Safir smiled at him. “Of course I am!” She pointed her sword. “We have decided that everything the enemy has left on this side of the river must be there by now. All I command is here as well. If my corps is destroyed, I have nothing left to do. So why not share its fate?”
“Goddamn it, that’s not how it’s supposed to work!”
“Is any of this how it is supposed to be?”
“Well . . . just wait a second, okay?” Pete ran to the comm cart, still attached to its aerial. This model was capable of wireless transmission but could also be connected to the landline network they’d established around the perimeter. “Send: ‘Continue general advance toward assigned objectives. Objectives must, repeat must, be achieved! All air will concentrate on assisting ground elements. Out.’ Got that? And send out the gist of what we’re doing here, attention Rolak specifically. Oh, and try to stay close with that thing, wilya? I don’t want to come lookin’ for you if something else occurs to me.” The comm ’Cats nodded briskly, wide-eyed.

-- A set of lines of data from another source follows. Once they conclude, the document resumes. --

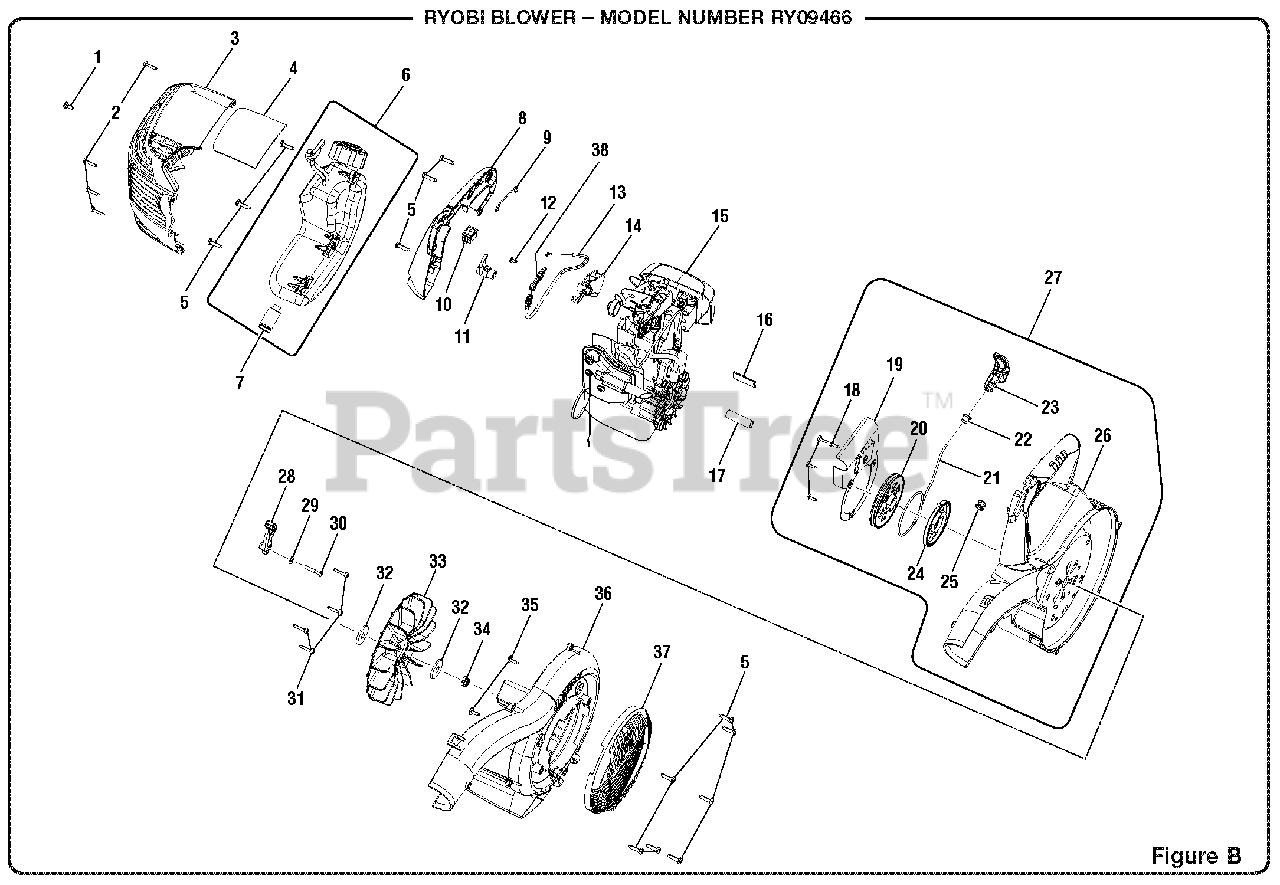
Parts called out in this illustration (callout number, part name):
1	Screw (M5 x 10.5 mm, T20 Torx Hd. )
2	Screw (M4 x 18 mm, T20 Torx Soc. Hd.)
3	Engine Housing
4	Heat Shield
5	Screw (#10-14 x 3/4 in, T25 Torx Pan Hd. T.F.)
6	Fuel Tank Assembly w/Cap
7	Fuel Filter
8	Handle Cover
9	Ground Wire
11	Trigger Lock
12	Screw (M3.5 x 7.5 mm, T20 Torx Pan Hd.)
13	Throttle Cable
15	Power Head Assembly
18	Screw (M4 x 12 mm, T20 Torx Truss Hd.)
20	Starter Pulley
21	Starter Rope
23	Starter Grip
24	Container Spring Assembly
26	Inner Volute
27	Lower Housing w/Starter
28	Cruise Lever
29	Washer (ID4.3 x OD12 x 1.5t)
30	Cruise Lever Screw (M8-14 x 25 mm, Special T20 Truss Hd.)
31	Screw (M4 x 23 mm, T20 Truss Hd. T.F.)
32	Washer (ID9.8 x OD34.27 x 2.28t)
33	Fan
34	Lock Nut (3/8 in.)
35	Screw (#10-14 x 1/2 in., T25 Torx Truss Hd.)..
36	Outer Volute
37	Air Inlet Cover
38	Throttle lever

“Okay,” Pete said, rejoining Safir Maraan. “Not another damn thing I can think of to influence this brawl. You said if your corps is destroyed, you’re out of a job.” He shrugged. “Well, if Second Corps goes down, so does the whole damn army, so where does that leave me?” General Pete Alden unslung his M1903 Springfield rifle, rechecked the safety at the rear of the bolt, and affixed his bayonet. “We got plenty of generals running around. What we need is more riflemen. Maybe I’ll get a look at this General Shlook, and I can knock his damn head off.”